# [YOUR GOAL]
Although the entries contain pictures, write out only their text, exactly as it stands.

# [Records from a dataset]
Content starts

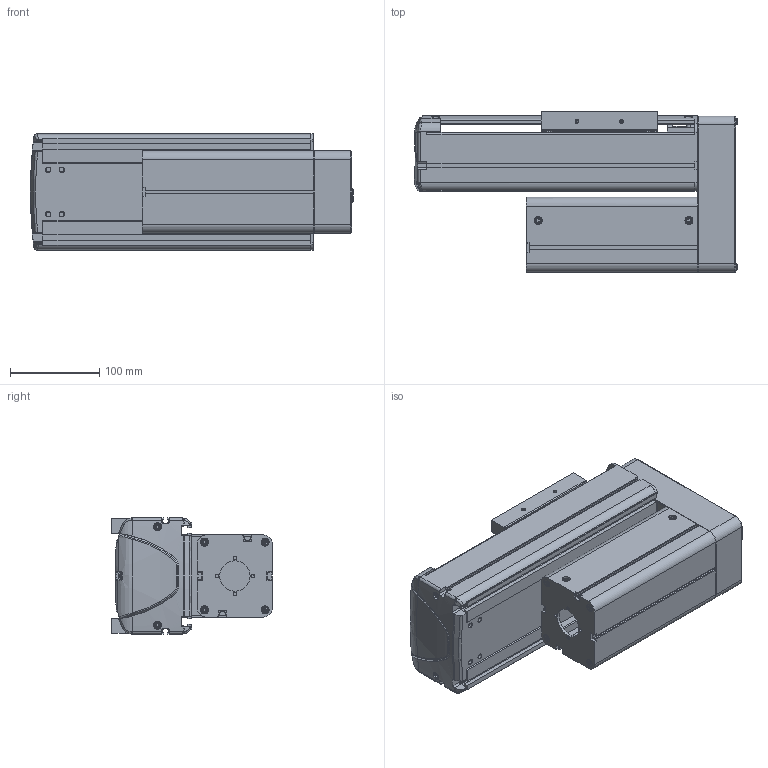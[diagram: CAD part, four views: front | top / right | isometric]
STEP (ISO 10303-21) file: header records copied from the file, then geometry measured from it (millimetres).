
FILE_DESCRIPTION((''),'2;1');
FILE_NAME('BE30E-UU-M_B-10_IGS_PRT','2017-06-17T',(' '),(''),'PRO/ENGINEER BY PARAMETRIC TECHNOLOGY CORPORATION, 2015030','PRO/ENGINEER BY PARAMETRIC TECHNOLOGY CORPORATION, 2015030','');
FILE_SCHEMA(('CONFIG_CONTROL_DESIGN'));
Length unit declared in the file: millimetre
Products named in the file (1): BE30E-UU-M_B-10_IGS_PRT
Bounding box: 361.9 x 180 x 130 mm (x, y, z)
Volume: 1630623.8 mm3; surface area: 768205.9 mm2
Topology: 2 solids, 97 shells, 1930 faces, 5153 edges, 3337 vertices
Faces by surface type: plane 981, cylinder 749, cone 107, torus 39, bspline 30, sphere 24
Entity records: 61953 total; most frequent: CARTESIAN_POINT 12979, DIRECTION 10363, ORIENTED_EDGE 9866, EDGE_CURVE 5115, AXIS2_PLACEMENT_3D 3609, VERTEX_POINT 3337, VECTOR 3145, LINE 3145

Content ends

# [ANSWER SECTION]
[diagram: CAD part, four views: front | top / right | isometric]
STEP (ISO 10303-21) file: header records copied from the file, then geometry measured from it (millimetres).
FILE_DESCRIPTION((''),'2;1');
FILE_NAME('BE30E-UU-M_B-10_IGS_PRT','2017-06-17T',(' '),(''),'PRO/ENGINEER BY PARAMETRIC TECHNOLOGY CORPORATION, 2015030','PRO/ENGINEER BY PARAMETRIC TECHNOLOGY CORPORATION, 2015030','');
FILE_SCHEMA(('CONFIG_CONTROL_DESIGN'));
Length unit declared in the file: millimetre
Products named in the file (1): BE30E-UU-M_B-10_IGS_PRT
Bounding box: 361.9 x 180 x 130 mm (x, y, z)
Volume: 1630623.8 mm3; surface area: 768205.9 mm2
Topology: 2 solids, 97 shells, 1930 faces, 5153 edges, 3337 vertices
Faces by surface type: plane 981, cylinder 749, cone 107, torus 39, bspline 30, sphere 24
Entity records: 61953 total; most frequent: CARTESIAN_POINT 12979, DIRECTION 10363, ORIENTED_EDGE 9866, EDGE_CURVE 5115, AXIS2_PLACEMENT_3D 3609, VERTEX_POINT 3337, VECTOR 3145, LINE 3145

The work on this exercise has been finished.